On Point blog, page 13 of 264
COA reverses order to suppress because driver of vehicle not seized; dissent disputes reasonable person surrounded in vehicle by police would feel free to leave.
State v. Kahreem Rashah Wilkins, Sr., 2023AP1385-CR, 10/8/24, District I (not recommended for publication); case activity
In a 2-1 decision, the Court of Appeals reversed the circuit court’s order granting Kahreem Wilkins’ motion to suppress evidence seized from his vehicle. The majority found that Wilkins was not seized when police approached the vehicle and saw a firearm in plain view, while the dissent concluded a reasonable person surrounded in his vehicle by four officers would not feel free to leave.
COA rejects challenges to TPR order and affirms
Waushara County DHS v. A.M.S., 2024AP730-733, District IV, 10/3/24 (one-judge decision; ineligible for publication); case activity
In a dense and fact-specific opinion, COA rejects A.M.S.’s attempts to argue that she was precluded from presenting relevant evidence at her TPR trial and affirms.
COA: Driver misinformed he would be charged with first-offense OWI did not have right to refuse breath test; Ignition Interlock statute does not violate Dormant Commerce Clause when applied to out-of-state resident.
State v. Sharpe, 2021AP1543 & 2022AP307, 9/24/24, District III (one-judge decision; ineligible for publication); case activity here and here
COA determines defendant arrested for OWI did not meet burden to show that he was unable to make knowing and intelligent choice about submitting to breath test when officers misinformed him that he would be charged with a first-offense OWI. COA rejects facial and as-applied challenge to IID statute based on Dormant Commerce Clause.
COA rejects pro se challenges to OWI first conviction
Village of Greendale v. Stacey King, 2023AP503, 9/17/24, District I (1-judge decision, ineligible for publication); case activity
King appeals her OWI first judgment, arguing that the statute of limitations had expired, that the circuit court based its rulings on bias against her instead of on the relevant law, and that the field sobriety test should not have been presented to the jury. The COA rejects these arguments and affirms.
COA finds officer did not intentionally or recklessly include false information in affidavit in support of search warrant; circuit court’s order suppressing evidence reversed.

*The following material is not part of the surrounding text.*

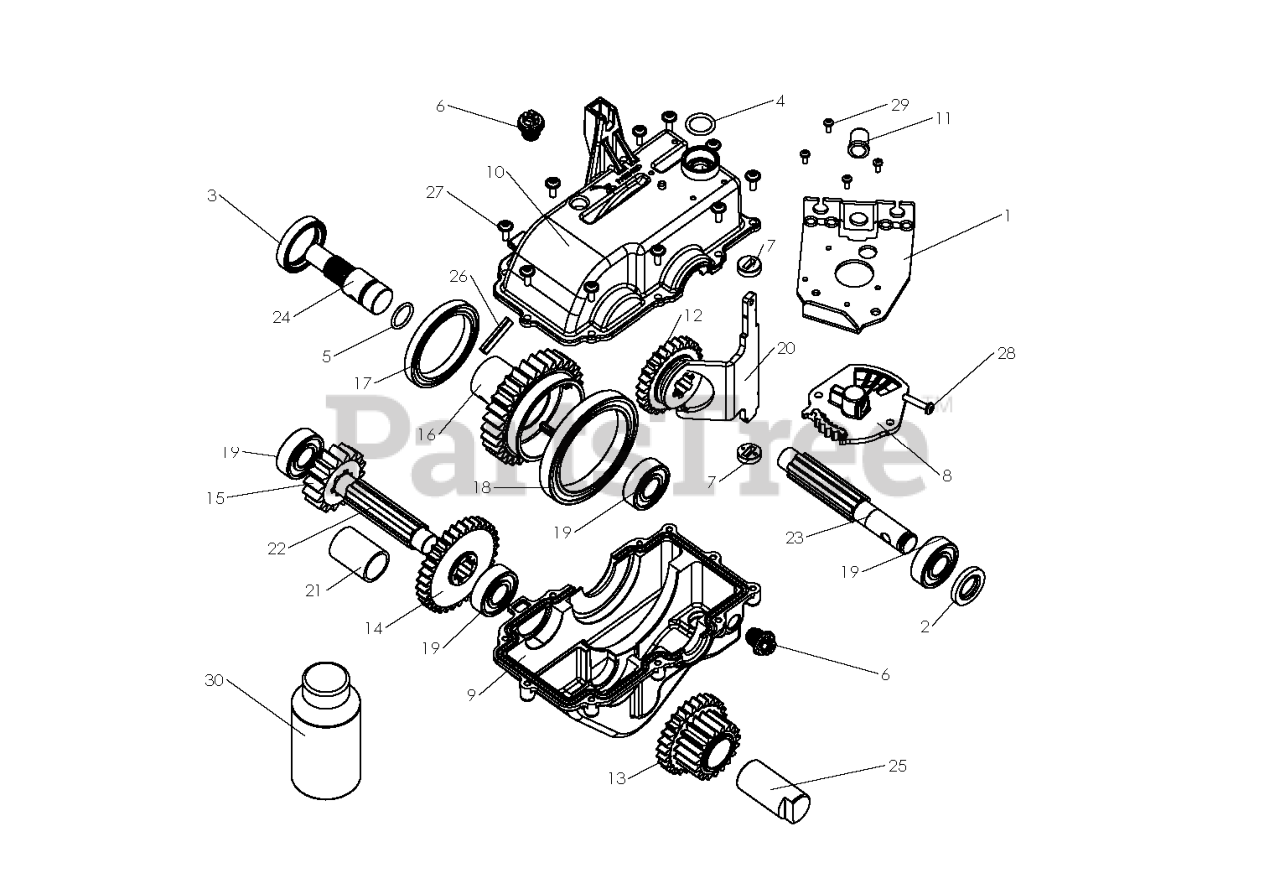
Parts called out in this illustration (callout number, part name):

State v. Mark T. Solheim, 2024AP239, District II, 9/18/24 (one-judge decision; ineligible for publication); case activity
In its decision reversing the circuit court’s order suppressing evidence obtained pursuant to a warrant for a blood draw, the Court of Appeals reminds that Franks and its Wisconsin counterpart Anderson require defendants challenging the veracity of an affidavit in support of a search warrant to do more than show the affidavit contained false information, but also that the officer knew the information was false at the time it was asserted and included it intentionally or with a reckless disregard for the truth.
COA rejects challenges to refusal finding; holds that refusal statute is not unconstitutional
State v. Albert A. Terhune, 2023AP353, 9/19/24, District IV (1-judge decision, ineligible for publication); case activity
In a somewhat complicated OWI appeal, COA ultimately affirms under well-settled legal standards.

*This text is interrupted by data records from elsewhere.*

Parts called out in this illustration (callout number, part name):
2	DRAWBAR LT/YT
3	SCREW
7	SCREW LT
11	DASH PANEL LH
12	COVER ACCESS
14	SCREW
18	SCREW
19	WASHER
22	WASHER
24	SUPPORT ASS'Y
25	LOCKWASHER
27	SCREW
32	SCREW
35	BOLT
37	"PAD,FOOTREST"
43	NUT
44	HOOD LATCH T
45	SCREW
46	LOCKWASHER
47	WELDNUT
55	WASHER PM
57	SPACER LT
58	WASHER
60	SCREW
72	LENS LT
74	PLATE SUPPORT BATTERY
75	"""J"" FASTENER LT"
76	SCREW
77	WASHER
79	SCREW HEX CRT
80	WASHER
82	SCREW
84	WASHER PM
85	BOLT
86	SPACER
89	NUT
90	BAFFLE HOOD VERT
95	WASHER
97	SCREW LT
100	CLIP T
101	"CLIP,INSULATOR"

COA rejects challenges to “abandonment” verdict in TPR involving allegations that mother withheld child’s location from father
A.M.D. v. G.R.B., Jr., 2024AP1071, District II, 9/18/24 (one-judge decision; ineligible for publication); case activity
G.R.B. (“Bartel”) appeals an order terminating his parental rights, raising a medley of challenges. Although COA acknowledges that its prior precedent sent “mixed signals” to litigants on at least one of the issues, it ultimately rejects all of G.R.B.’s arguments and affirms.
COA: Plea to grounds for TPR entered knowingly, despite circuit court misstating burden of proof that would apply at disposition.
State v. B.M., 2024AP414, District I, 9/10/24 (one-judge decision; ineligible for publication); case activity
In a replay of last week’s decision in N.H., on which we posted here, the Court of Appeals affirmed the circuit court’s order denying B.M.’s motion to withdraw her no-contest plea to the grounds of the petition to terminate her parental rights.
COA: Expert evidence not necessary to continue protective placement under Ch. 55.
Ozaukee County v. S.S., 2024AP759, District II, 9/11/24 (one-judge decision; ineligible for publication); case activity
In determining whether to continue protective placement under Chapter 55, the County does not need to present an expert witness to establish an individual continues to meet the criteria for placement, and the circuit court may rely on the entire record – not just the record at the annual review hearing – to find grounds to continue placement.
COA: TPR defendant not misled regarding burden of proof at disposition hearing during plea colloquy
State v. N.H., 2024AP597, District I, 9/4/24 (one-judge decision; ineligible for publication); case activity
B.W. forecloses N.H’s TPR appeal that his plea was involuntary because the circuit court misled him regarding the burden of proof at the dispositional phase.